Nobel laureate Abdulrazak Gurnah, who will be speaking at the upcoming Emirates Airlines Festival of Literature in Feb 2025, talks about his writing process, the themes of migration and displacement that figure in his works, and about the other famous Zanzibari, Freddie Mercury
Tanzanian-born British novelist, academic and Nobel Prize in Literature in 2021 Abdulrazak Gurnah. Photo: AFP
When Abdulrazak Gurnah, the 2021 Nobel Prize winner for Literature, appears on the screen, there is an air of slight impatience about him as he waits for the interview to begin. After accepting apologies for the technical glitches that caused a delay in connection, he suggests diving straight into the discussion, citing a tight schedule.

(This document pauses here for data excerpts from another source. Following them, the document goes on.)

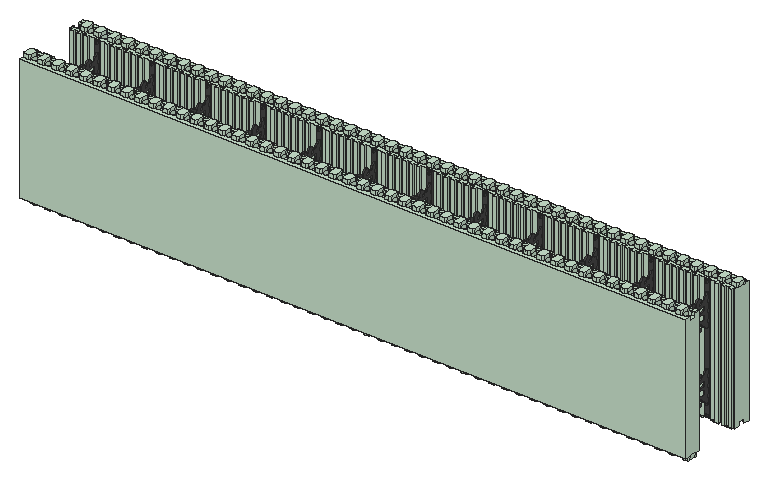
Revit family (continued)
Forms (mm)
  Extrusion 47, void
    sketch origin (2286, 0.196, 0) x (1, 0, 0) y (0, 1, 0)
      loop
        arc (29.796, -130.453) -> (38.1, -131.763) -> (46.404, -130.453) r 26.987
        arc (46.404, -130.453) -> (49.585, -128.147) -> (50.8, -124.411) r 6.35
        line (50.8, -124.411) -> (50.8, -101.014)
        arc (50.8, -101.014) -> (50.362, -98.696) -> (49.108, -96.698) r 6.35
        arc (49.108, -96.698) -> (48.795, -96.199) -> (48.685, -95.62) r 1.588
        line (48.685, -95.62) -> (48.685, -86.829) -> (44.346, -86.829) -> (44.346, -92.457)
        arc (44.346, -92.457) -> (43.786, -93.668) -> (42.5, -94.024) r 1.587
        arc (42.5, -94.024) -> (36.091, -93.737) -> (29.796, -94.972) r 26.988
        arc (29.796, -94.972) -> (26.615, -97.278) -> (25.4, -101.014) r 6.35
        line (25.4, -101.014) -> (25.4, -124.411)
    from 457.2 to 444.5
  Extrusion 48, void
    sketch origin (2336.8, 0.196, 0) x (1, 0, 0) y (0, 1, 0)
      loop
        arc (25.4, -124.411) -> (26.615, -128.147) -> (29.796, -130.453) r 6.35
        arc (29.796, -130.453) -> (38.1, -131.763) -> (46.404, -130.453) r 26.987
        arc (46.404, -130.453) -> (49.585, -128.147) -> (50.8, -124.411) r 6.35
        line (50.8, -124.411) -> (50.8, -101.014)
        arc (50.8, -101.014) -> (50.362, -98.696) -> (49.108, -96.698) r 6.35
        arc (49.108, -96.698) -> (48.795, -96.199) -> (48.685, -95.62) r 1.588
        line (48.685, -95.62) -> (48.685, -86.829) -> (44.346, -86.829) -> (44.346, -92.457)
        arc (44.346, -92.457) -> (43.786, -93.668) -> (42.5, -94.024) r 1.587
        arc (42.5, -94.024) -> (36.091, -93.737) -> (29.796, -94.972) r 26.988
        arc (29.796, -94.972) -> (26.615, -97.278) -> (25.4, -101.014) r 6.35
        line (25.4, -101.014) -> (25.4, -124.411)
    from 457.2 to 444.5
  Extrusion 49, void
    sketch origin (2387.6, 0.196, 0) x (1, 0, 0) y (0, 1, 0)
      loop
        arc (25.4, -124.411) -> (26.615, -128.147) -> (29.796, -130.453) r 6.35
        arc (29.796, -130.453) -> (38.1, -131.763) -> (46.404, -130.453) r 26.987
        arc (46.404, -130.453) -> (49.585, -128.147) -> (50.8, -124.411) r 6.35
        line (50.8, -124.411) -> (50.8, -101.014)
        arc (50.8, -101.014) -> (50.362, -98.696) -> (49.108, -96.698) r 6.35
        arc (49.108, -96.698) -> (48.795, -96.199) -> (48.685, -95.62) r 1.588
        line (48.685, -95.62) -> (48.685, -86.829) -> (44.346, -86.829) -> (44.346, -92.457)
        arc (44.346, -92.457) -> (43.786, -93.668) -> (42.5, -94.024) r 1.587
        arc (42.5, -94.024) -> (36.091, -93.737) -> (29.796, -94.972) r 26.988
        arc (29.796, -94.972) -> (26.615, -97.278) -> (25.4, -101.014) r 6.35
        line (25.4, -101.014) -> (25.4, -124.411)
    from 457.2 to 444.5
  Extrusion 50, void
    sketch origin (2438.4, 0.196, 0) x (-1, 0, 0) y (0, -1, 0)
      loop
        arc (25.4, -124.411) -> (26.615, -128.147) -> (29.796, -130.453) r 6.35
        arc (29.796, -130.453) -> (38.1, -131.763) -> (46.404, -130.453) r 26.987
        arc (46.404, -130.453) -> (49.585, -128.147) -> (50.8, -124.411) r 6.35
        line (50.8, -124.411) -> (50.8, -101.014)
        arc (50.8, -101.014) -> (50.362, -98.696) -> (49.108, -96.698) r 6.35
        arc (49.108, -96.698) -> (48.795, -96.199) -> (48.685, -95.62) r 1.588
        line (48.685, -95.62) -> (48.685, -86.829) -> (44.346, -86.829) -> (44.346, -92.457)
        arc (44.346, -92.457) -> (43.786, -93.668) -> (42.5, -94.024) r 1.587
        arc (42.5, -94.024) -> (36.091, -93.737) -> (29.796, -94.972) r 26.988
        arc (29.796, -94.972) -> (26.615, -97.278) -> (25.4, -101.014) r 6.35
        line (25.4, -101.014) -> (25.4, -124.411)
    from 457.2 to 444.5
  Extrusion 51, void
    sketch origin (2387.6, 0.196, 0) x (-1, 0, 0) y (0, -1, 0)
      loop
        arc (25.4, -124.411) -> (26.615, -128.147) -> (29.796, -130.453) r 6.35
        arc (29.796, -130.453) -> (38.1, -131.763) -> (46.404, -130.453) r 26.987
        arc (46.404, -130.453) -> (49.585, -128.147) -> (50.8, -124.411) r 6.35
        line (50.8, -124.411) -> (50.8, -101.014)
        arc (50.8, -101.014) -> (50.362, -98.696) -> (49.108, -96.698) r 6.35
        arc (49.108, -96.698) -> (48.795, -96.199) -> (48.685, -95.62) r 1.588
        line (48.685, -95.62) -> (48.685, -86.829) -> (44.346, -86.829) -> (44.346, -92.457)
        arc (44.346, -92.457) -> (43.786, -93.668) -> (42.5, -94.024) r 1.587
        arc (42.5, -94.024) -> (36.091, -93.737) -> (29.796, -94.972) r 26.988
        arc (29.796, -94.972) -> (26.615, -97.278) -> (25.4, -101.014) r 6.35
        line (25.4, -101.014) -> (25.4, -124.411)
    from 457.2 to 444.5
  Extrusion 52, void
    sketch origin (2336.8, 0.196, 0) x (-1, 0, 0) y (0, -1, 0)
      loop
        arc (25.4, -124.411) -> (26.615, -128.147) -> (29.796, -130.453) r 6.35
        arc (29.796, -130.453) -> (38.1, -131.763) -> (46.404, -130.453) r 26.987
        arc (46.404, -130.453) -> (49.585, -128.147) -> (50.8, -124.411) r 6.35
        line (50.8, -124.411) -> (50.8, -101.014)
        arc (50.8, -101.014) -> (50.362, -98.696) -> (49.108, -96.698) r 6.35
        arc (49.108, -96.698) -> (48.795, -96.199) -> (48.685, -95.62) r 1.588
        line (48.685, -95.62) -> (48.685, -86.829) -> (44.346, -86.829) -> (44.346, -92.457)
        arc (44.346, -92.457) -> (43.786, -93.668) -> (42.5, -94.024) r 1.587
        arc (42.5, -94.024) -> (36.091, -93.737) -> (29.796, -94.972) r 26.988
        arc (29.796, -94.972) -> (26.615, -97.278) -> (25.4, -101.014) r 6.35
        line (25.4, -101.014) -> (25.4, -124.411)
    from 457.2 to 444.5
  Extrusion 53, void
    sketch origin (2286, 0.196, 0) x (-1, 0, 0) y (0, -1, 0)
      loop
        arc (25.4, -124.411) -> (26.615, -128.147) -> (29.796, -130.453) r 6.35
        arc (29.796, -130.453) -> (38.1, -131.763) -> (46.404, -130.453) r 26.987
        arc (46.404, -130.453) -> (49.585, -128.147) -> (50.8, -124.411) r 6.35
        line (50.8, -124.411) -> (50.8, -101.014)
        arc (50.8, -101.014) -> (50.362, -98.696) -> (49.108, -96.698) r 6.35
        arc (49.108, -96.698) -> (48.795, -96.199) -> (48.685, -95.62) r 1.588
        line (48.685, -95.62) -> (48.685, -86.829) -> (44.346, -86.829) -> (44.346, -92.457)
        arc (44.346, -92.457) -> (43.786, -93.668) -> (42.5, -94.024) r 1.587
        arc (42.5, -94.024) -> (36.091, -93.737) -> (29.796, -94.972) r 26.988
        arc (29.796, -94.972) -> (26.615, -97.278) -> (25.4, -101.014) r 6.35
        line (25.4, -101.014) -> (25.4, -124.411)
    from 457.2 to 444.5
  Extrusion 54, void
    sketch origin (2235.2, 0.196, 0) x (-1, 0, 0) y (0, -1, 0)
      loop
        arc (25.4, -124.411) -> (26.615, -128.147) -> (29.796, -130.453) r 6.35
        arc (29.796, -130.453) -> (38.1, -131.763) -> (46.404, -130.453) r 26.987
        arc (46.404, -130.453) -> (49.585, -128.147) -> (50.8, -124.411) r 6.35
        line (50.8, -124.411) -> (50.8, -101.014)
        arc (50.8, -101.014) -> (50.362, -98.696) -> (49.108, -96.698) r 6.35
        arc (49.108, -96.698) -> (48.795, -96.199) -> (48.685, -95.62) r 1.588
        line (48.685, -95.62) -> (48.685, -86.829) -> (44.346, -86.829) -> (44.346, -92.457)
        arc (44.346, -92.457) -> (43.786, -93.668) -> (42.5, -94.024) r 1.587
        arc (42.5, -94.024) -> (36.091, -93.737) -> (29.796, -94.972) r 26.988
        arc (29.796, -94.972) -> (26.615, -97.278) -> (25.4, -101.014) r 6.35
        line (25.4, -101.014) -> (25.4, -124.411)
    from 457.2 to 444.5
  Extrusion 55, void
    sketch origin (2184.4, 0.196, 0) x (-1, 0, 0) y (0, -1, 0)
      loop
        arc (25.4, -124.411) -> (26.615, -128.147) -> (29.796, -130.453) r 6.35
        arc (29.796, -130.453) -> (38.1, -131.763) -> (46.404, -130.453) r 26.987
        arc (46.404, -130.453) -> (49.585, -128.147) -> (50.8, -124.411) r 6.35
        line (50.8, -124.411) -> (50.8, -101.014)
        arc (50.8, -101.014) -> (50.362, -98.696) -> (49.108, -96.698) r 6.35
        arc (49.108, -96.698) -> (48.795, -96.199) -> (48.685, -95.62) r 1.588
        line (48.685, -95.62) -> (48.685, -86.829) -> (44.346, -86.829) -> (44.346, -92.457)
        arc (44.346, -92.457) -> (43.786, -93.668) -> (42.5, -94.024) r 1.587
        arc (42.5, -94.024) -> (36.091, -93.737) -> (29.796, -94.972) r 26.988
        arc (29.796, -94.972) -> (26.615, -97.278) -> (25.4, -101.014) r 6.35
        line (25.4, -101.014) -> (25.4, -124.411)
    from 457.2 to 444.5
  Extrusion 56, void
    sketch origin (2133.6, 0.196, 0) x (-1, 0, 0) y (0, -1, 0)
      loop
        arc (25.4, -124.411) -> (26.615, -128.147) -> (29.796, -130.453) r 6.35
        arc (29.796, -130.453) -> (38.1, -131.763) -> (46.404, -130.453) r 26.987
        arc (46.404, -130.453) -> (49.585, -128.147) -> (50.8, -124.411) r 6.35
        line (50.8, -124.411) -> (50.8, -101.014)
        arc (50.8, -101.014) -> (50.362, -98.696) -> (49.108, -96.698) r 6.35
        arc (49.108, -96.698) -> (48.795, -96.199) -> (48.685, -95.62) r 1.588
        line (48.685, -95.62) -> (48.685, -86.829) -> (44.346, -86.829) -> (44.346, -92.457)
        arc (44.346, -92.457) -> (43.786, -93.668) -> (42.5, -94.024) r 1.587
        arc (42.5, -94.024) -> (36.091, -93.737) -> (29.796, -94.972) r 26.988
        arc (29.796, -94.972) -> (26.615, -97.278) -> (25.4, -101.014) r 6.35
        line (25.4, -101.014) -> (25.4, -124.411)
    from 457.2 to 444.5
  Extrusion 57, void
    sketch origin (2082.8, 0.196, 0) x (-1, 0, 0) y (0, -1, 0)
      loop
        arc (25.4, -124.411) -> (26.615, -128.147) -> (29.796, -130.453) r 6.35
        arc (29.796, -130.453) -> (38.1, -131.763) -> (46.404, -130.453) r 26.987
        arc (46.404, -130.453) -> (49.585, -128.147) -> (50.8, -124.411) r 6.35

The celebrated author, a key speaker at the upcoming Emirates Airline Festival of Literature that starts on January 29 and is on until February 3, 2025, is seated behind a table in a book-filled room. The 70-something writer, who was born in Zanzibar and moved to the UK where he is now based, has a distinguished air about him. Widely recognised and respected as one of the most powerful post-colonial writers, his novels Paradise, Afterlives, and Desertion explore themes of displacement, exile, identity, and belonging, facets the Nobel Academy underscored in their citation, referring to “his uncompromising and compassionate penetration of the effects of colonialism and the fate of the refugee in the gulf between cultures and continents”.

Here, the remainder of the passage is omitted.